Las fuerzas favorables al “cambio de régimen” (los golpistas) han decidido jugárselo todo con el fin de conseguir la capitulación programática del régimen de Trump o su destitución.
La élite presidencial que detenta el poder puede escoger la opción de gobernar por decreto, basándose en la subsiguiente crisis económica. Puede capitalizar el alboroto que supondría el colapso de Wall Street y pretender una inminente amenaza a la seguridad nacional en nuestras fronteras y nuestras bases del extranjero para declarar una emergencia militar. Si no cuenta con el apoyo de los servicios de inteligencia, su éxito es bastante dudoso.
Pero ambas partes se culparán del creciente fracaso. Los recursos temporales del Tesoro no salvarán la situación. Los medios de comunicación entrarán en una dinámica histérica que oscilará entre la crítica política y la exigencia de un cambio de régimen. En ese momento, el régimen presidencial puede asumir poderes dictatoriales para “salvar al país”.
Los congresistas moderados propondrán una solución provisional: un goteo de fondos federales semana a semana.
Pero los golpistas y los “bonapartistas” bloquearán cualquier “compromiso podrido”. Se producirá una movilización del ejército y de los aparatos de seguridad y judicial que dictará los resultados.
Las organizaciones de la sociedad civil acudirán a los poderes emergentes para que defiendan sus intereses concretos. Cuando los pensionistas y los maestros se queden sin financiación, empleados públicos y privados saldrán a las calles a manifestarse. Los representantes de los grupos de presión, desde los favorables a los intereses de las empresas petroleras y gasísticas hasta los defensores de Israel, exigirán su propio tratamiento prioritario.
La configuración del poder demostrará su fuerza y los cimientos de las instituciones del Congreso, el Senado y la Presidencia se tambalearán.
Visto por el lado positivo, el caos interno y las divisiones institucionales apaciguarán de momento la creciente amenaza de nuevas guerras en el extranjero. El mundo respirará aliviado. No así el mundo del mercado de valores: el dólar y los especuladores se desmoronarán.

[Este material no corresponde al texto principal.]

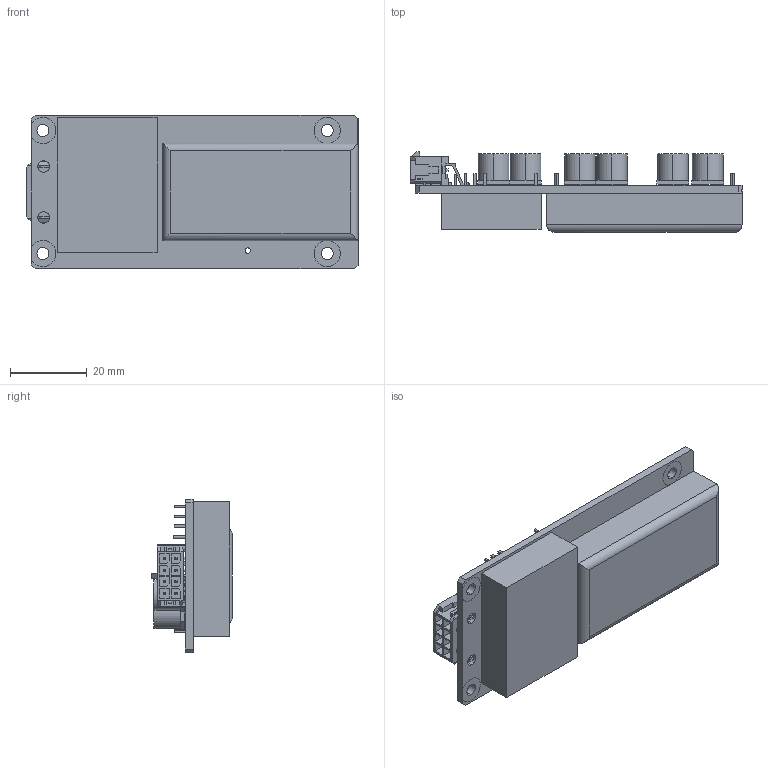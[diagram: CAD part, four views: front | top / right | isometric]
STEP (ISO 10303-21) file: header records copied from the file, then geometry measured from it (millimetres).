
FILE_DESCRIPTION (( 'STEP AP203' ), '1' );
FILE_NAME ('GIL-74103H.STEP', '2016-11-02T17:04:11', ( 'gregory' ), ( '' ), 'SwSTEP 2.0', 'SolidWorks 2011', '' );
FILE_SCHEMA (( 'CONFIG_CONTROL_DESIGN' ));
Length unit declared in the file: millimetre
Products named in the file (1): GIL-74103H
Bounding box: 86.4 x 21.01 x 40 mm (x, y, z)
Volume: 31396.7 mm3; surface area: 16474.9 mm2
Topology: 9 solids, 9 shells, 777 faces, 1965 edges, 1268 vertices
Faces by surface type: plane 644, cylinder 133
Entity records: 23066 total; most frequent: CARTESIAN_POINT 4023, ORIENTED_EDGE 3930, DIRECTION 3775, EDGE_CURVE 1965, LINE 1703, VECTOR 1703, VERTEX_POINT 1268, AXIS2_PLACEMENT_3D 1036
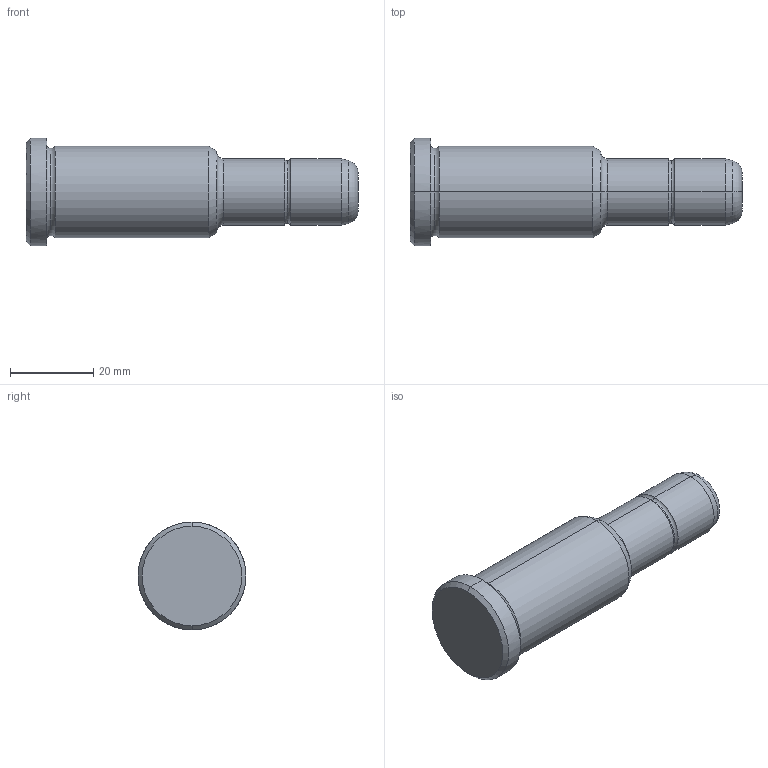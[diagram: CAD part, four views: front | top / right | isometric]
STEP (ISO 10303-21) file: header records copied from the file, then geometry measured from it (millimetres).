
FILE_DESCRIPTION(('CATIA V5 STEP Exchange'),'2;1');
FILE_NAME('C:\Users\Utente\Desktop\IO LAVORO\3D X SITO CF\X SITO\PLASTICA\351\351-16X46X80.stp','2021-08-18T11:24:52+00:00',('none'),('none'),'CATIA Version 5 Release 20 GA (IN-10)','CATIA V5 STEP AP203','none');
FILE_SCHEMA(('CONFIG_CONTROL_DESIGN'));
Length unit declared in the file: millimetre
Products named in the file (1): 351-16X46X80
Bounding box: 80 x 26 x 26 mm (x, y, z)
Volume: 24764.6 mm3; surface area: 5816.2 mm2
Topology: 1 solids, 1 shells, 30 faces, 86 edges, 60 vertices
Faces by surface type: torus 12, cylinder 8, cone 6, plane 4
Entity records: 1112 total; most frequent: CARTESIAN_POINT 289, ORIENTED_EDGE 172, DIRECTION 138, AXIS2_PLACEMENT_3D 95, EDGE_CURVE 86, CIRCLE 64, VERTEX_POINT 60, EDGE_LOOP 32
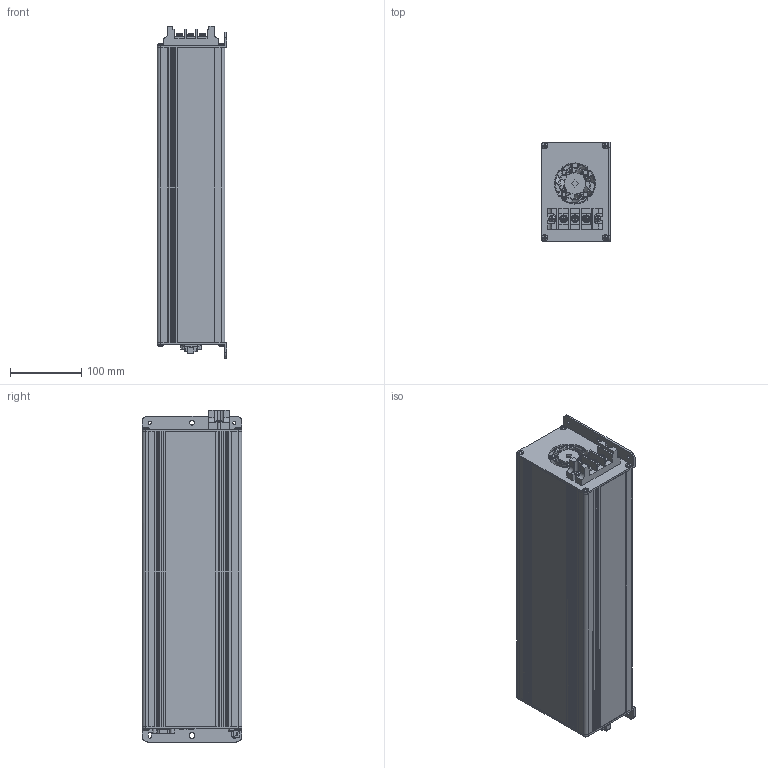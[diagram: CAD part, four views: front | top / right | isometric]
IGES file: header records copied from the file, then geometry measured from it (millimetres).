
Global section: file name: DH415COM; native system: Autodesk Inventor 2021; preprocessor: unknown; author: eunsol jang; date: 20220616.144225; units: inch
Bounding box: 98.5 x 140 x 467.5 mm (x, y, z)
Volume: 753662.2 mm3; surface area: 529075.8 mm2
Topology: 3 solids, 3 shells, 2625 faces, 8369 edges, 6007 vertices
Faces by surface type: bspline 2625
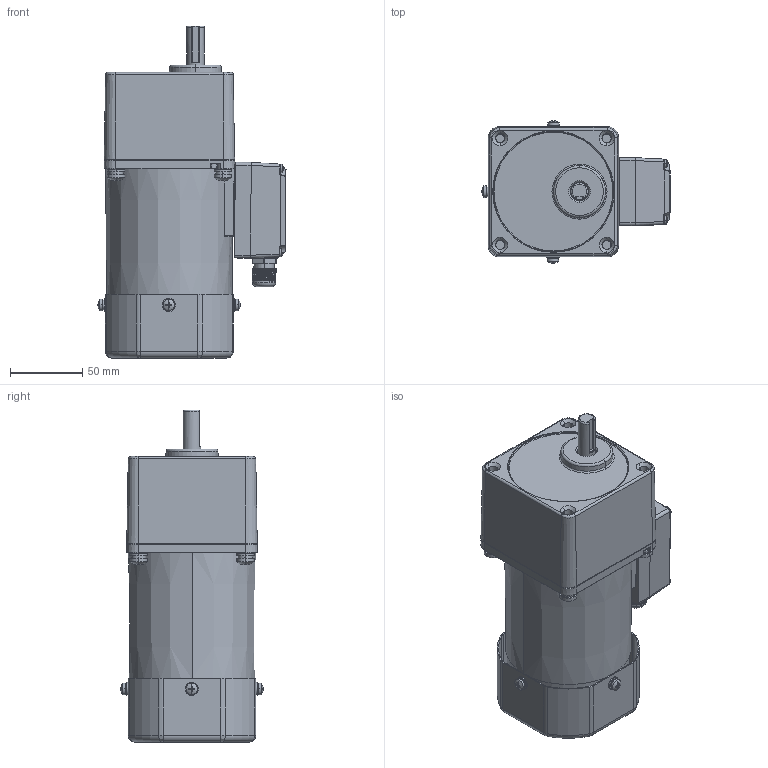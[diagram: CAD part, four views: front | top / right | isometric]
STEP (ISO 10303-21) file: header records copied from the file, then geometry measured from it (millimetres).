
FILE_DESCRIPTION (( 'STEP AP203' ), '1' );
FILE_NAME ('5IK60RGN-CFT(5GN3K-200K).STEP', '2020-04-10T00:30:43', ( 'Windows 蚚誧' ), ( '' ), 'SwSTEP 2.0', 'SolidWorks 2019', '' );
FILE_SCHEMA (( 'CONFIG_CONTROL_DESIGN' ));
Length unit declared in the file: millimetre
Products named in the file (16): M3^70TSJXHG(2)_70TSJXHG.STEP; 70TSZ; 70TSJXHG(2)^70TSJXHG.STEP; 5IK40RA-CT; 70TSJXHG.STEP; 90TSFZ; 3IK15RA-C_AF0^3ik15ra-c_asm(2)_70TSZ; 5IK60RA-CFT; 9040TSJXHJK; PRT0099^3ik15ra-c_asm(2)_70TSZ; 5GN3K‵200K; TSJXH^70TSJXHG(2)_70TSJXHG.STEP; PRT0101^3ik15ra-c_asm(2)_70TSZ; 5IK60RGN-CFT(5GN3K-200K); M14SJQ^70TSJXHG(2)_70TSJXHG.STEP; 3ik15ra-c_asm(2)^70TSZ
Assembly tree (18 placements, depth 6):
  5IK60RGN-CFT(5GN3K-200K)
    5IK60RA-CFT
      5IK40RA-CT
        9040TSJXHJK
        70TSJXHG.STEP
          70TSJXHG(2)^70TSJXHG.STEP
            TSJXH^70TSJXHG(2)_70TSJXHG.STEP
            M14SJQ^70TSJXHG(2)_70TSJXHG.STEP
            M3^70TSJXHG(2)_70TSJXHG.STEP  x4
        70TSZ
          3ik15ra-c_asm(2)^70TSZ
            3IK15RA-C_AF0^3ik15ra-c_asm(2)_70TSZ
            PRT0099^3ik15ra-c_asm(2)_70TSZ
            PRT0101^3ik15ra-c_asm(2)_70TSZ
      90TSFZ
    5GN3K‵200K
Bounding box: 129.69 x 98.11 x 229 mm (x, y, z)
Volume: 747545.2 mm3; surface area: 212369.5 mm2
Topology: 54 solids, 55 shells, 2377 faces, 6119 edges, 3883 vertices
Faces by surface type: cylinder 869, plane 675, cone 552, torus 161, sphere 86, bspline 34
Entity records: 69086 total; most frequent: CARTESIAN_POINT 17888, DIRECTION 11050, ORIENTED_EDGE 10166, EDGE_CURVE 5083, AXIS2_PLACEMENT_3D 4541, VERTEX_POINT 3263, CIRCLE 2558, EDGE_LOOP 2138
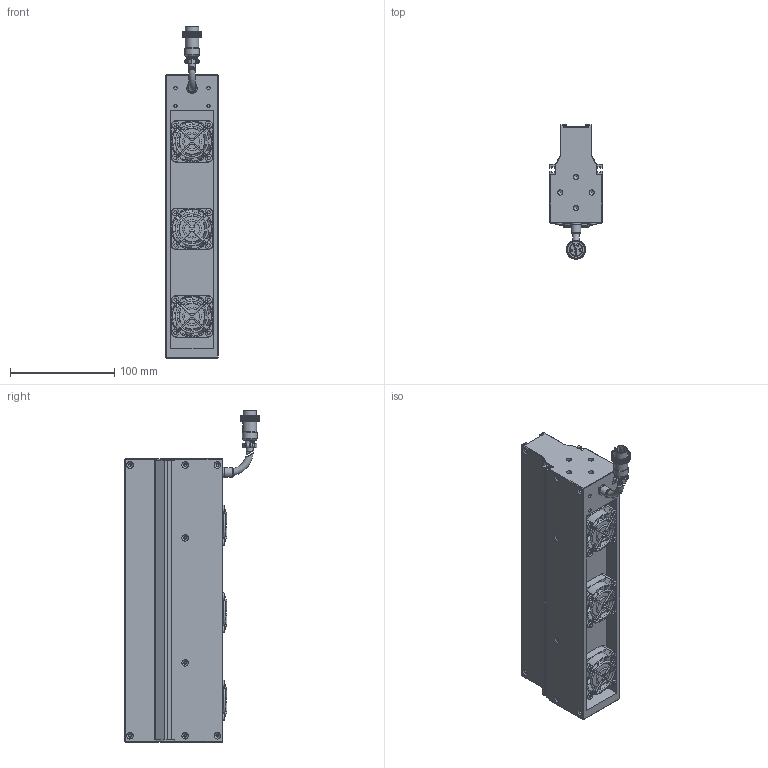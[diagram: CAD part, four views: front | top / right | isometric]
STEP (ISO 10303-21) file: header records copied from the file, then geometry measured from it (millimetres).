
FILE_DESCRIPTION (( 'STEP AP203' ), '1' );
FILE_NAME ('OPT-LSS272-W-V3.1U尨砩芞.STEP', '2025-01-21T00:17:46', ( 'USER' ), ( '' ), 'SwSTEP 2.0', 'SolidWorks 2016', '' );
FILE_SCHEMA (( 'CONFIG_CONTROL_DESIGN' ));
Length unit declared in the file: millimetre
Products named in the file (2): OPT-LSS272-W-V3.1U尨砩芞
Bounding box: 50 x 129.15 x 318.83 mm (x, y, z)
Volume: 929370.9 mm3; surface area: 170409.4 mm2
Topology: 18 solids, 26 shells, 3932 faces, 8716 edges, 4917 vertices
Faces by surface type: bspline 2140, cylinder 828, plane 742, torus 173, cone 49
Full cylindrical faces by diameter (mm): 0.95 x6, 1.1 x2, 1.4 x2, 1.6 x12, 2 x7, 2.5 x16, 3.2 x16, 3.4 x16, 4 x4, 5 x8, 6.2 x12, 6.4 x3, 7.5 x1, 8.6 x1, 9.3 x1, 9.8 x1, 10 x1, 13.2 x1, 14 x1, 16.1 x1, 24.8 x3, 38 x3
Entity records: 132208 total; most frequent: CARTESIAN_POINT 65698, ORIENTED_EDGE 16808, EDGE_CURVE 8404, DIRECTION 7116, B_SPLINE_CURVE_WITH_KNOTS 5729, VERTEX_POINT 4846, EDGE_LOOP 4286, FACE_OUTER_BOUND 4112
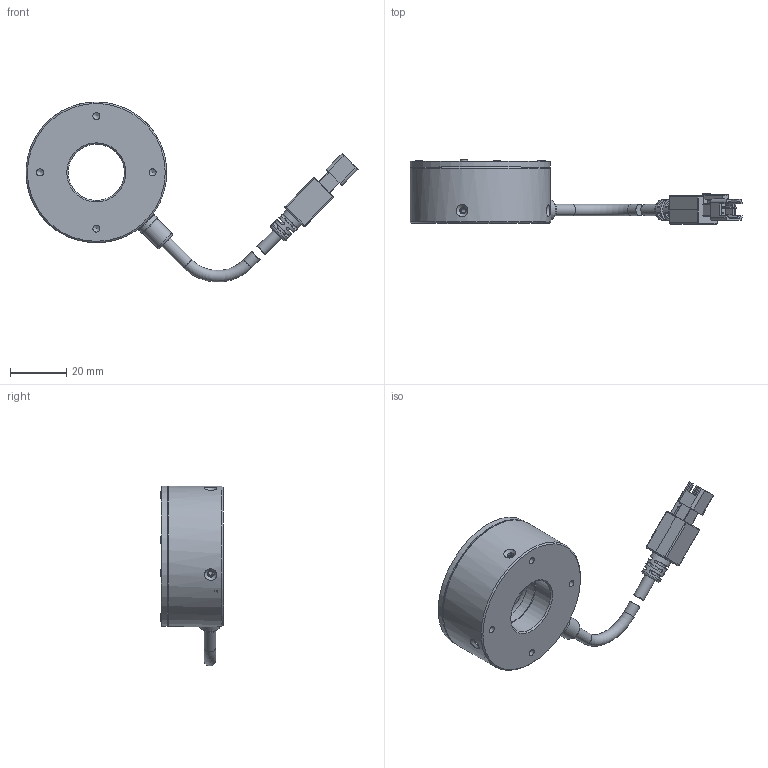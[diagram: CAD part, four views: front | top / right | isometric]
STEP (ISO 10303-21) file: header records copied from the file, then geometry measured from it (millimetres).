
FILE_DESCRIPTION (( 'STEP AP203' ), '1' );
FILE_NAME ('OPT-RI5060-X-V5.0U尨砩芞.STEP', '2024-12-12T01:42:05', ( '' ), ( '' ), 'SwSTEP 2.0', 'SolidWorks 2016', '' );
FILE_SCHEMA (( 'CONFIG_CONTROL_DESIGN' ));
Length unit declared in the file: millimetre
Products named in the file (1): OPT-RI5060-X-V5.0U尨砩芞
Bounding box: 117.95 x 22.7 x 63.94 mm (x, y, z)
Volume: 30508.7 mm3; surface area: 17878.3 mm2
Topology: 11 solids, 11 shells, 461 faces, 1155 edges, 738 vertices
Faces by surface type: plane 250, cylinder 135, cone 36, bspline 25, torus 15
Full cylindrical faces by diameter (mm): 1.05 x2, 1.1 x6, 1.4 x4, 1.6 x4, 1.7 x4, 2.4 x4, 2.5 x4, 2.6 x4, 3.5 x1, 4.1 x4, 5.8 x1, 7.5 x2, 8 x1, 20 x2, 23 x1, 41.8 x1, 50 x2
Entity records: 14203 total; most frequent: CARTESIAN_POINT 3828, DIRECTION 2078, ORIENTED_EDGE 2034, EDGE_CURVE 1017, AXIS2_PLACEMENT_3D 720, VERTEX_POINT 698, LINE 638, VECTOR 638
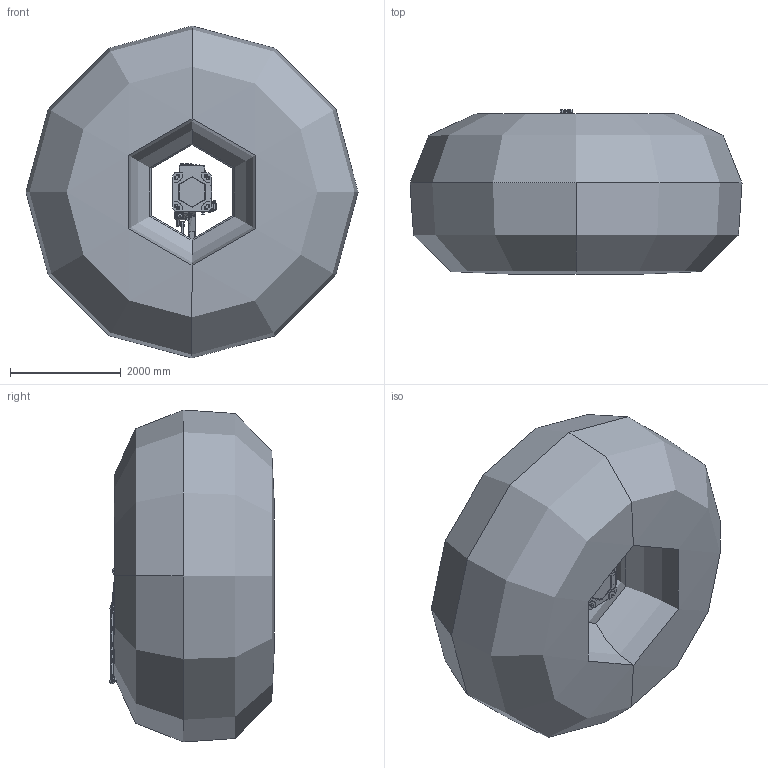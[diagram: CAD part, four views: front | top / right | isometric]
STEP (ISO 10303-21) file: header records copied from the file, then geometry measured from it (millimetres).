
FILE_DESCRIPTION (( 'STEP AP203' ), '1' );
FILE_NAME ('阹陎暱R310-180-4-E 俋窒耀倰.STEP', '2020-12-01T11:24:33', ( 'Topstarltd' ), ( 'Topstarltd.Com' ), 'SwSTEP 2.0', 'SolidWorks 2016', '' );
FILE_SCHEMA (( 'CONFIG_CONTROL_DESIGN' ));
Length unit declared in the file: millimetre
Products named in the file (20): 阹陎暱R310-180-4-E-15_1; 阹陎暱R310-180-4-E-7_1; 阹陎暱R310-180-4-E-16_1; 阹陎暱R310-180-4-E-8_1; 阹陎暱R310-180-4-E-17_1; 阹陎暱R310-180-4-E-9_1; 阹陎暱R310-180-4-E-1_1; 阹陎暱R310-180-4-E-18_1; 阹陎暱R310-180-4-E-10_1; 阹陎暱R310-180-4-E-2_1; 阹陎暱R310-180-4-E-19_1; 阹陎暱R310-180-4-E-11_1; 阹陎暱R310-180-4-E-3_1; 阹陎暱R310-180-4-E 俋窒耀倰; 阹陎暱R310-180-4-E-12_1; 阹陎暱R310-180-4-E-4_1; 阹陎暱R310-180-4-E-13_1; 阹陎暱R310-180-4-E-5_1; 阹陎暱R310-180-4-E-14_1; 阹陎暱R310-180-4-E-6_1
Assembly tree (53 placements, depth 2):
  阹陎暱R310-180-4-E 俋窒耀倰
    阹陎暱R310-180-4-E-1_1
    阹陎暱R310-180-4-E-2_1
    阹陎暱R310-180-4-E-3_1
    阹陎暱R310-180-4-E-4_1
    阹陎暱R310-180-4-E-5_1
    阹陎暱R310-180-4-E-6_1
    阹陎暱R310-180-4-E-7_1
    阹陎暱R310-180-4-E-8_1
    阹陎暱R310-180-4-E-9_1
    阹陎暱R310-180-4-E-10_1
    阹陎暱R310-180-4-E-11_1
    阹陎暱R310-180-4-E-12_1
    阹陎暱R310-180-4-E-13_1
    阹陎暱R310-180-4-E-14_1
    阹陎暱R310-180-4-E-15_1
    阹陎暱R310-180-4-E-16_1
    阹陎暱R310-180-4-E-17_1
    阹陎暱R310-180-4-E-18_1  x18
    阹陎暱R310-180-4-E-19_1  x18
Bounding box: 6004.21 x 2973.38 x 6004.21 mm (x, y, z)
Topology: 39 solids, 1044 shells, 8729 faces, 27135 edges, 19298 vertices
Faces by surface type: cylinder 3628, plane 2541, bspline 1133, torus 1002, cone 384, sphere 41
Entity records: 497003 total; most frequent: CARTESIAN_POINT 279378, ORIENTED_EDGE 42452, DIRECTION 40730, EDGE_CURVE 25799, VERTEX_POINT 18549, AXIS2_PLACEMENT_3D 14726, LINE 11278, VECTOR 11278
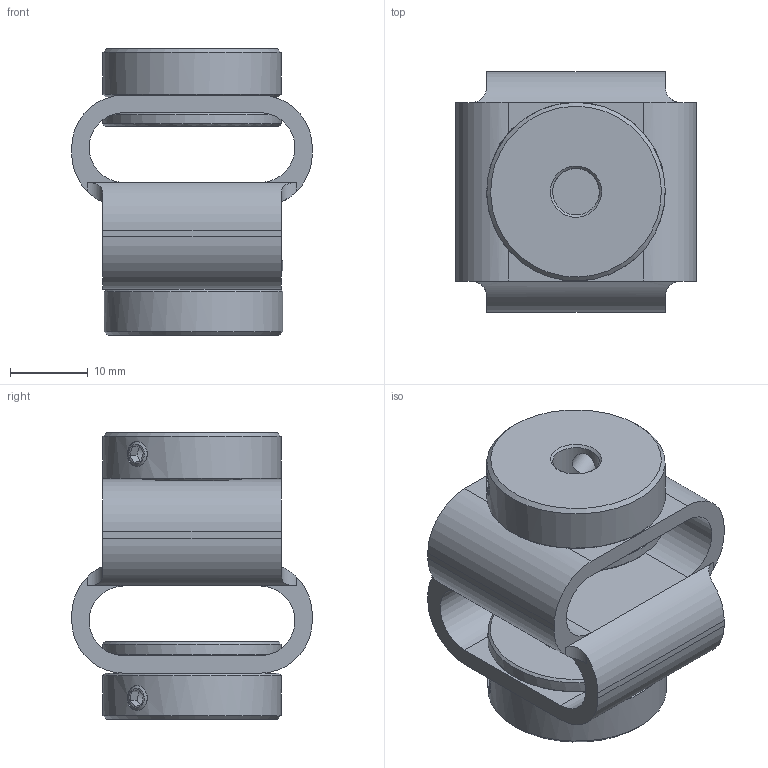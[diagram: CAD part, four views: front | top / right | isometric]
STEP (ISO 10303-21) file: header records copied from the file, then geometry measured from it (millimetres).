
FILE_DESCRIPTION(/* description */ (''),/* implementation_level */ '2;1');
FILE_NAME(/* name */ 'E:\ABP_bauteile\Doppelschlaufenkupplung\DKPS_3835\Doppelschlaufenku10.stp',/* time_stamp */ '2015-03-09T14:58:35+01:00',/* author */ ('Rob'),/* organization */ (''),/* preprocessor_version */ 'ST-DEVELOPER v15.6',/* originating_system */ 'Autodesk Inventor 2015',/* authorisation */ '');
FILE_SCHEMA (('CONFIG_CONTROL_DESIGN'));
Length unit declared in the file: millimetre
Products named in the file (1): Bauteil46
Bounding box: 31 x 31 x 36.95 mm (x, y, z)
Volume: 11698 mm3; surface area: 8006.7 mm2
Topology: 1 solids, 3 shells, 149 faces, 369 edges, 225 vertices
Faces by surface type: plane 84, cylinder 35, cone 30
Full cylindrical faces by diameter (mm): 3.242 x8, 6 x1, 10 x1, 14 x2, 15 x2, 23 x4
Entity records: 4237 total; most frequent: CARTESIAN_POINT 1081, DIRECTION 663, ORIENTED_EDGE 580, EDGE_CURVE 290, AXIS2_PLACEMENT_3D 260, EDGE_LOOP 205, VERTEX_POINT 191, FACE_OUTER_BOUND 149

La disputa y las indecisiones sobre quién gobierna el imperio permitirá que las potencias regionales efectúen reclamaciones sobre las regiones en litigio. La Unión Europea, Japón, Arabia Saudí e Israel competirán con Rusia, Irán y China. Ninguno de ellos va a esperar a que Estados Unidos decida cuál de sus centros de poder debe mandar.
Traducido del inglés para Rebelión.org por Paco Muñoz de Bustillo.
Rebelión.org.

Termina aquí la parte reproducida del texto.